I agree and we pack up. Almost weekly over the entire spring we’ve been coming to this spot. As fiddleheads uncurled, juvenile birds began to make their first tenuous flights, and spring turned to summer, signs of elk were everywhere. Even now, fresh prints pepper almost every logging road. Only days earlier, a friend saw the elk herd in this exact spot.

But despite many close calls, we haven’t seen them. With summer just around the corner, we decide we don’t have the time necessary to continue the project. Scott folds up his tripod, unscrews the long lens from his camera, and we leave the cutblock for the final time.

Our efforts, though, weren’t fruitless. Almost every time we went out, we saw wildlife. On two separate occasions, cougars leapt across the road in front of my truck. Harrier hawks patrolled the air 20 feet above our heads. Day-old baby fawns curled into little balls close enough for us to touch them. Black bears grazed by the roadside.

It was like the only animals we couldn’t see were the ones we were looking for.

Months later, I’m on my usual dog walk down a winding forest path behind my house, and elk are the last thing on my mind. My dog Mika runs off into the dense bush and I call her back. The words are barely out of my mouth when a thunder of hooves erupts around me. Through the thick greenery, I catch glimpses of animals moving. I stand close to a tree and call Mika again with a little more urgency. She returns, looking as surprised as I feel.

I slip down the trail, and 50 feet ahead, I see them. The four cow elk cross the path first. Brown, with white butts, they stick close together.

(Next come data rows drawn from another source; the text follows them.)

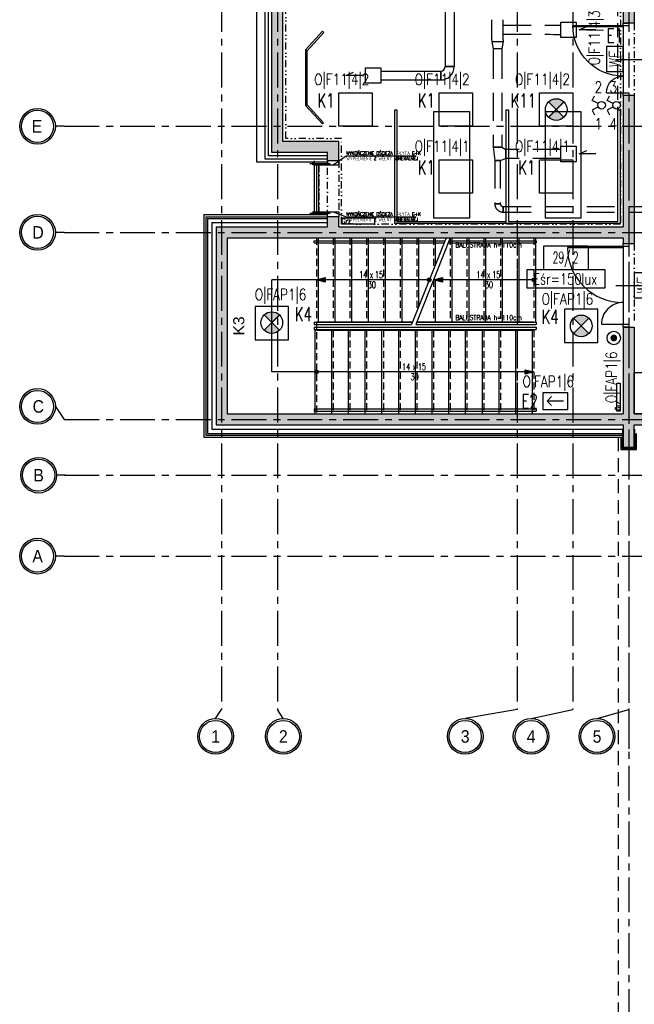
# Model space of a CAD drawing. Extents: x 41755 to 123924, y -112333 to 86187.
# Tile 180 of 256: x 99429 to 100531, y -11484 to -9720. Entities that reach past the tile are written whole.
import ezdxf
from ezdxf.enums import TextEntityAlignment as Align

# ---------------------------------------------------------------- set-up
doc = ezdxf.new("R2010")
doc.units = 0
doc.header["$LTSCALE"] = 50
for name, pattern in [('CENTER', [2, 1.25, -0.25, 0.25, -0.25]), ('CENTER2', [28.575, 19.05, -3.175, 3.175, -3.175]), ('DASHDOT', [1, 0.5, -0.25, 0, -0.25]), ('DASHED', [0.75, 0.5, -0.25]), ('DASHED2', [0.375, 0.25, -0.125]), ('DIVIDE', [31.75, 12.7, -6.35, 0, -6.35, 0, -6.35])]:
    doc.linetypes.add(name, pattern=pattern)
doc.layers.get('0').update_dxf_attribs({"color": 101, "linetype": 'CONTINUOUS'})
for name, color, linetype in [('Drz---drzwi', 5, 'CONTINUOUS'), ('E-90', 6, 'CONTINUOUS'), ('E35', 6, 'CONTINUOUS'), ('E50', 3, 'CONTINUOUS'), ('Ele-balustrada', 8, 'CONTINUOUS'), ('Ins-co', 2, 'CONTINUOUS'), ('Ins-ppoz', 240, 'CONTINUOUS'), ('Ins-went', 141, 'CONTINUOUS'), ('Opis-pom', 6, 'CONTINUOUS'), ('Opis-spadki', 61, 'CONTINUOUS'), ('Opis_pom_ramka', 6, 'CONTINUOUS'), ('Os-osie glowne', 1, 'CENTER'), ('Os-osie-opis', 16, 'CONTINUOUS'), ('Pos-widok', 121, 'CONTINUOUS'), ('Sc-beton', 7, 'CONTINUOUS'), ('Sc-beton-hatch', 86, 'CONTINUOUS'), ('Sc-drewno', 22, 'CONTINUOUS'), ('Sc-izolacja term-styropian', 151, 'STYROPIAN-KA'), ('Sc-kamien', 31, 'CONTINUOUS'), ('Sc-nadproza kon', 5, 'DASHED2'), ('Sc-silikat', 61, 'CONTINUOUS'), ('Sc-systemowe', 150, 'CONTINUOUS'), ('Sch-opis', 51, 'CONTINUOUS'), ('Sch-widok', 12, 'CONTINUOUS'), ('Sch-widok-nad', 12, 'DASHED2'), ('Suf-widok', 8, 'CONTINUOUS'), ('W-idok pod', 5, 'DASHED'), ('Wyp-meble', 155, 'CONTINUOUS')]:
    doc.layers.add(name, color=color, linetype=linetype)
doc.styles.add('dwg_opis duży', font='ARIAL.TTF', dxfattribs={"width": 0.9})
doc.styles.add('KA wymiar', font='romans.shx', dxfattribs={"width": 0.6})
doc.styles.add('ROMANS', font='romans', dxfattribs={"width": 0.85})
doc.styles.add('TYTUL2', font='ARIAL.TTF')
doc.linetypes.add('BATTING', pattern='A,0.0001,-0.1,[134,ltypeshp.shx,S=0.1,R=0,X=-0.1,Y=0],-0.2,[134,ltypeshp.shx,S=0.1,R=180,X=0.1,Y=0],-0.1', length=0.4001)
doc.linetypes.add('STYROPIAN-KA', pattern='A,0.0001,-0.1,[135,ltypeshp.shx,S=0.1,R=0,X=-0.1,Y=0],0,[135,ltypeshp.shx,S=0.1,R=180,X=0.1,Y=0],-0.1', length=0.2001)

# ---------------------------------------------------------------- blocks, each defined once
blk = doc.blocks.new('ozn_schody-kółko_d14')
at = {"ltscale": 25}
h = blk.add_hatch(color=256, dxfattribs=at)
edge = h.paths.add_edge_path()
edge.add_arc((0, 0), 3.33, 0, 360)
at = {"ltscale": 7}
blk.add_circle((0, 0), 3.33, dxfattribs=at)
blk = doc.blocks.new('ozn_schody-strzałka8x16')
at = {"ltscale": 25}
blk.add_hatch(color=256, dxfattribs=at).paths.add_polyline_path([(0, 0), (-4, -16), (4, -16)])
blk.add_lwpolyline([(0, 0), (-4, -16), (4, -16)], close=True, dxfattribs=at)
blk = doc.blocks.new('ozn_opis-schodów1-rzut')
at = {"style": 'ROMANS', "width": 0.7}
blk.add_text('x', height=12, dxfattribs=at).set_placement((-3.3, 3))
at = {"ltscale": 25, "style": 'ROMANS', "width": 0.7}
blk.add_attdef('Ilość', text='', height=12, dxfattribs=at).set_placement((-7.7, 3), align=Align.RIGHT)
blk.add_attdef('Wysokość', (6.2, 3), '', height=12, dxfattribs=at)
blk.add_attdef('Długość', text='', height=12, dxfattribs=at).set_placement((0.4, -15), align=Align.CENTER)
blk = doc.blocks.new('_SDHGG')
at = {"ltscale": 7}
for p, q in [((13, -75), (-44, -75)), ((0, -142.5), (100, -142.5)), ((0, -144.5), (100, -144.5))]:
    blk.add_line(p, q, dxfattribs=at)
for points in [[(-10, -5.5), (-10, 0), (0, 0), (0, -5.5)], [(-10, -150), (-10, -144.5), (0, -144.5), (0, -150)]]:
    blk.add_lwpolyline(points, close=True, dxfattribs=at)
for points in [[(0, -144.5), (0, -5.5)], [(39, -5.5), (0, -5.5)]]:
    blk.add_lwpolyline(points, dxfattribs=at)
blk.add_arc((0, -5.5), 39, 270, 0)
blk.add_arc((1, -143.5), 99, 0.5787, 90.5787, dxfattribs=at)
blk = doc.blocks.new('_dhgfkgh')
at = {"ltscale": 7}
for p, q in [((-23, -65), (34, -65)), ((-10, -123), (-100, -123)), ((-10, -125), (-100, -125))]:
    blk.add_line(p, q, dxfattribs=at)
for points in [[(0, -5), (0, 0), (-10, 0), (-10, -5)], [(0, -130), (0, -125), (-10, -125), (-10, -130)]]:
    blk.add_lwpolyline(points, close=True, dxfattribs=at)
for points in [[(-40, -5), (-10, -5)], [(-10, -125), (-10, -5)]]:
    blk.add_lwpolyline(points, dxfattribs=at)
for centre, radius, start, end in [((-10, -5), 30, 180, 270), ((-10, -125), 90, 90, 180)]:
    blk.add_arc(centre, radius, start, end)
blk = doc.blocks.new('_opis_osi')
blk.add_hatch(color=256).paths.add_polyline_path([(32, -32), (28.8, -32, -1), (-28.8, -32), (-32, -32, 1)])
for radius in [32, 28.8]:
    blk.add_circle((0, -32), radius)
at = {"style": 'dwg_opis duży', "width": 0.9}
blk.add_attdef('AXNAMEV', text='', height=22.4, rotation=90, dxfattribs=at).set_placement((0, -32), align=Align.MIDDLE_CENTER)
blk = doc.blocks.new('_opis_osi_liczbowy')
blk.add_hatch(color=256).paths.add_polyline_path([(32, 32), (32, 28.8, -1), (32, -28.8), (32, -32, 1)])
for radius in [32, 28.8]:
    blk.add_circle((32, 0), radius)
at = {"style": 'dwg_opis duży', "width": 0.9}
blk.add_attdef('AXNAMEH', text='', height=22.4, rotation=90, dxfattribs=at).set_placement((32, 0), align=Align.MIDDLE_CENTER)
blk = doc.blocks.new('_gdfjjjjjjjjjjjjjjjjj')
at = {"linetype": 'CENTER2', "ltscale": 0.5}
blk.add_line((-31.8, 0), (4.8, 0), dxfattribs=at)
at = {"ltscale": 2, "flags": 128}
for points in [[(-24, -2.5), (-26.5, -2.5), (-26.5, 2.5), (-24, 2.5), (-24, -2.5)], [(-24, -2.5), (0, -2.5), (0, 2.5), (-24, 2.5)]]:
    blk.add_lwpolyline(points, dxfattribs=at)
blk = doc.blocks.new('_opis_pom_metka')
at = {"layer": 'Opis_pom_ramka'}
blk.add_lwpolyline([(-33.1, 0), (32.9, 0), (32.9, -36), (-33.1, -36)], close=True, dxfattribs=at)
at = {"style": 'KA wymiar', "width": 0.6}
blk.add_attdef('KO/', text='', height=16.8, dxfattribs=at).set_placement((3.5, -25.9), align=Align.RIGHT)
blk.add_attdef('NR', (3.8, -26.2), '', height=16.8, dxfattribs=at)
blk = doc.blocks.new('_dkjhsjhkfgh')
at = {"layer": 'Ins-went', "ltscale": 2}
for p, q in [((401, 769.2), (401, 632)), ((417, 769.2), (417, 632)), ((285.7, 624), (303.7, 624)), ((393, 624), (393, 608)), ((393, 608), (393, 624)), ((401, 632), (417, 632)), ((417, 632), (401, 632)), ((285.7, 608), (303.7, 608))]:
    blk.add_line(p, q, dxfattribs=at)
blk.add_lwpolyline([(253, 616), (222.8, 616), (236.8, 622)], dxfattribs=at)
blk.add_lwpolyline([(258, 629.8), (285.7, 629.8), (285.7, 602.1), (258, 602.1)], close=True, dxfattribs=at)
for radius in [8, 24]:
    blk.add_arc((393, 632), radius, 270, 360, dxfattribs=at)
for points in [[(303.7, 624), (393, 624)], [(303.7, 608), (393, 608)]]:
    blk.add_spline(points, degree=3, dxfattribs=at)
blk = doc.blocks.new('we')
at = {"layer": 'E35', "ltscale": 0.2}
blk.add_lwpolyline([(45, 30), (0, 30), (0, 0), (45, 0)], close=True, dxfattribs=at)
at = {"layer": 'E35', "ltscale": 0.2, "style": 'ROMANS', "oblique": 5, "width": 0.8}
blk.add_text('WE', height=20, dxfattribs=at).set_placement((21.4, 15), align=Align.MIDDLE_CENTER)
blk = doc.blocks.new('kier')
at = {"layer": 'E35', "ltscale": 0.2}
for p, q in [((7.8, 15), (15.9, 23.1)), ((37.6, 15), (7.8, 15)), ((7.8, 15), (15.9, 6.9))]:
    blk.add_line(p, q, dxfattribs=at)
blk.add_lwpolyline([(0, 30), (45, 30), (45, 0), (0, 0)], close=True, dxfattribs=at)
blk = doc.blocks.new('E-90Przycisk')
at = {"layer": 'E35', "const_width": 3}
blk.add_lwpolyline([(1.5, 0, -1), (-1.5, 0, -1)], format="xyb", close=True, dxfattribs=at)
at = {"layer": 'E35'}
blk.add_circle((0, 0), 6, dxfattribs=at)

msp = doc.modelspace()

# ---------------------------------------------------------------- hatches: boundary and pattern name
at = {"layer": 'E35'}
h = msp.add_hatch(color=256, dxfattribs=at)
edge = h.paths.add_edge_path()
edge.add_line((100390.966, -9880.641), (100404.712, -9866.895))
edge.add_ellipse((100390.966, -9880.641), major_axis=(13.746, 13.746), ratio=1, start_angle=360, end_angle=450)
edge.add_line((100377.22, -9866.895), (100390.966, -9880.641))
edge = h.paths.add_edge_path()
edge.add_line((100404.712, -9894.388), (100390.966, -9880.641))
edge.add_line((100390.966, -9880.641), (100377.22, -9894.388))
edge.add_ellipse((100390.966, -9880.641), major_axis=(-13.746, 13.746), ratio=1, start_angle=90, end_angle=180)
h = msp.add_hatch(color=256, dxfattribs=at)
edge = h.paths.add_edge_path()
edge.add_line((99880.966, -10262.367), (99894.712, -10248.62))
edge.add_ellipse((99880.966, -10262.367), major_axis=(13.746, 13.746), ratio=1, start_angle=360, end_angle=450)
edge.add_line((99867.22, -10248.62), (99880.966, -10262.367))
edge = h.paths.add_edge_path()
edge.add_line((99894.712, -10276.113), (99880.966, -10262.367))
edge.add_line((99880.966, -10262.367), (99867.22, -10276.113))
edge.add_ellipse((99880.966, -10262.367), major_axis=(-13.746, 13.746), ratio=1, start_angle=90, end_angle=180)
h = msp.add_hatch(color=256, dxfattribs=at)
edge = h.paths.add_edge_path()
edge.add_line((100435.684, -10268.141), (100449.43, -10254.395))
edge.add_ellipse((100435.684, -10268.141), major_axis=(13.746, 13.746), ratio=1, start_angle=360, end_angle=450)
edge.add_line((100421.938, -10254.395), (100435.684, -10268.141))
edge = h.paths.add_edge_path()
edge.add_line((100449.43, -10281.888), (100435.684, -10268.141))
edge.add_line((100435.684, -10268.141), (100421.938, -10281.888))
edge.add_ellipse((100435.684, -10268.141), major_axis=(-13.746, 13.746), ratio=1, start_angle=90, end_angle=180)
at = {"layer": 'Sc-beton-hatch'}
h = msp.add_hatch(dxfattribs=at)
h.set_pattern_fill('ANSI33', color=256, style=0)
h.set_pattern_definition([(45, (48983.4185, 565.478), (-4.49012806, 4.49012806), []), (45, (48987.9087, 565.478), (-4.49012806, 4.49012806), [3.175, -1.5875])])
h.paths.add_polyline_path([(102400.966, -5400.641), (102380.966, -5400.641), (102380.966, -5500.641), (102330.966, -5500.641), (102330.966, -5520.641), (102380.966, -5520.641), (102380.966, -5973.641), (102400.966, -5973.641)])
h.paths.add_polyline_path([(101710.966, -5330.585), (101710.966, -5560.641), (101730.966, -5560.641), (101730.966, -5520.641), (101770.966, -5520.641), (101770.966, -5500.641), (101730.966, -5500.641), (101730.966, -5327.797, 0.0068353), (101990.084, -5287.78), (101987.07, -5268.006, -0.00840512), (101668.963, -5316.121), (101671.621, -5335.944, 0.00103514)])
h.paths.add_polyline_path([(101738.466, -5895.641), (101703.466, -5895.641), (101703.466, -5930.641), (101738.466, -5930.641)])
h.paths.add_polyline_path([(101695.966, -6277.641), (101730.966, -6277.641), (101730.966, -6242.641), (101695.966, -6242.641)])
h.paths.add_polyline_path([(102400.966, -6108.641), (102380.966, -6108.641), (102380.966, -6330.641), (102400.966, -6330.641)])
h.paths.add_polyline_path([(100985.966, -5895.641), (100950.966, -5895.641), (100950.966, -5930.641), (100985.966, -5930.641)], flags=17)
h.paths.add_polyline_path([(100765.966, -5910.641), (100765.966, -5413.927, 0.00639553), (101010.966, -5401.354), (101009.686, -5381.395, -0.00795958), (100705.366, -5396.058), (100706.01, -5416.048, 0.00104221), (100745.966, -5414.677), (100745.966, -6082.641), (100765.966, -6082.641), (100765.966, -5930.641), (100798.966, -5930.641), (100798.966, -5930.637), (100798.966, -5910.641)])
h.paths.add_polyline_path([(100310.966, -6262.641), (100410.966, -6262.641), (100410.966, -6460.641), (100430.966, -6460.641), (100430.966, -6262.641), (100765.966, -6262.641), (100765.966, -6237.641), (100745.966, -6237.641), (100745.966, -6242.641), (100330.966, -6242.641), (100330.966, -5420.801, 0.00104277), (100370.966, -5420.993), (100371.02, -5400.99, -0.0015651), (100310.966, -5400.641)])
h.paths.add_polyline_path([(100970.966, -6242.641), (100950.966, -6242.641), (100950.966, -6900.641), (100927.966, -6900.641), (100927.966, -6920.641), (100950.966, -6920.641), (100950.966, -7503.141), (100970.966, -7503.141), (100970.966, -6920.641), (101261.966, -6920.641), (101261.966, -7235.641), (101281.966, -7235.641), (101334.966, -7235.641), (101334.966, -7215.641), (101281.966, -7215.641), (101281.966, -6900.641), (100970.966, -6900.641)])
h.paths.add_polyline_path([(100410.966, -6710.641), (100430.966, -6710.641), (100430.966, -6610.641), (100410.966, -6610.641)])
h.paths.add_polyline_path([(100410.966, -6960.641), (100430.966, -6960.641), (100430.966, -6920.641), (100470.966, -6920.641), (100470.966, -6900.641), (100430.966, -6900.641), (100430.966, -6860.641), (100410.966, -6860.641)])
h.paths.add_polyline_path([(100790.966, -6920.641), (100790.966, -6900.641), (100725.966, -6900.641), (100725.966, -6920.641)])
h.paths.add_polyline_path([(101334.966, -6920.641), (101334.966, -6900.641), (101281.966, -6900.641), (101281.966, -6920.641)], flags=17)
h.paths.add_polyline_path([(101556.966, -6920.641), (101556.966, -6900.641), (101468.966, -6900.641), (101468.966, -6920.641)])
h.paths.add_polyline_path([(101710.966, -6900.641), (101690.966, -6900.641), (101690.966, -6920.641), (101710.966, -6920.641)])
h.paths.add_polyline_path([(101730.966, -6900.641), (101710.966, -6900.641), (101710.966, -6920.641), (101710.966, -7215.641), (101690.966, -7215.641), (101690.966, -7235.641), (101730.966, -7235.641)])
h.paths.add_polyline_path([(101488.966, -7215.641), (101468.966, -7215.641), (101468.966, -7235.641), (101556.966, -7235.641), (101556.966, -7215.641), (101503.966, -7215.641), (101503.966, -6920.641), (101488.966, -6920.641)])
h.paths.add_polyline_path([(102400.966, -6750.641), (102380.966, -6750.641), (102380.966, -7100.641), (102400.966, -7100.641)])
h.paths.add_polyline_path([(102400.966, -7200.641), (102380.966, -7200.641), (102380.966, -7465.641), (102400.966, -7465.641)])
h.paths.add_polyline_path([(102380.966, -7650.641), (102332.966, -7650.641), (102332.966, -7670.641), (102380.966, -7670.641), (102380.966, -8275.641), (102400.966, -8275.641), (102400.966, -7615.641), (102380.966, -7615.641)])
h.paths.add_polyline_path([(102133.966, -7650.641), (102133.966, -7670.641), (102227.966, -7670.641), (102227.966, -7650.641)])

They flee down a steep ravine, through a creek, and up the other side. There, they wait for the last member of their small herd.

I hear crunching leaf litter and a guttural rumble, and as the sounds get closer, my heart beats against my chest. High above the salmonberry bushes, the tips of antlers appear. They sway through the air as a large bull elk saunters across the path in front of me. In much less of a hurry than the cows, the bull rips off the tops of ferns as he passes. He doesn’t seem to notice me crouched just feet away. I don’t have a camera and didn’t bring my phone, but I don’t care. I keep Mika calm and enjoy the moment. The elk treads down the ravine and up the other side to join the females. Then the herd vanishes as quickly as it appeared.

Scott and I tried so hard to find these animals and failed. Only in a random encounter did I finally see them up close, and I think that’s many people’s experience with elk. Whether it’s on the side of the highway, near a logging road, or even in our backyards, we run into them only by happenchance—and not very often.

Every location mentioned in this story is a half-hour drive or less from downtown Courtenay. The fact that large animals like elk can remain in the forest mostly undetected is a testament to just how much dense wilderness surrounds our community. If you’re lucky enough to come across an elk in the Comox Valley, take the time (from a safe and respectful distance) to enjoy the experience.

Take it from me, it’s much easier to see them when they come to you.